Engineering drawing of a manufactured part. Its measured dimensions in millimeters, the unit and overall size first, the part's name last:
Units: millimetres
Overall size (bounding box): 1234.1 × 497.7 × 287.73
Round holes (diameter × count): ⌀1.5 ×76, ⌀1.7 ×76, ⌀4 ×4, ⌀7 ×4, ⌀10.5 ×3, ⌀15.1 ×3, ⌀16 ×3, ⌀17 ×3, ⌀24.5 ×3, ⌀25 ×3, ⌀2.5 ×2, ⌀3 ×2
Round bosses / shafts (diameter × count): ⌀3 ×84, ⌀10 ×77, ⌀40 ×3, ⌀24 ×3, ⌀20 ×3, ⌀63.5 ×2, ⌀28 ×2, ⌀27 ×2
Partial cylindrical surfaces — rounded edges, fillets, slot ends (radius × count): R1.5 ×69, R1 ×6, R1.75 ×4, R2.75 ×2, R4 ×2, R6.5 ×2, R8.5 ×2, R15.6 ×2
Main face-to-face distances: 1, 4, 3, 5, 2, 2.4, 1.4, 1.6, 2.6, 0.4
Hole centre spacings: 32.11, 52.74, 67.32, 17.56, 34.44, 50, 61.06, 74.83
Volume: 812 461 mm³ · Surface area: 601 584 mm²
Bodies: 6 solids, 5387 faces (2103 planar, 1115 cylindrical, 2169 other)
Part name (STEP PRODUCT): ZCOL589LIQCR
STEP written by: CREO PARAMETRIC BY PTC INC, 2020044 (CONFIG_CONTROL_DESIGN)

------------

Using the data above, establish how many lines include the word "name"; the reply is that number only.

* RESPONSE: 2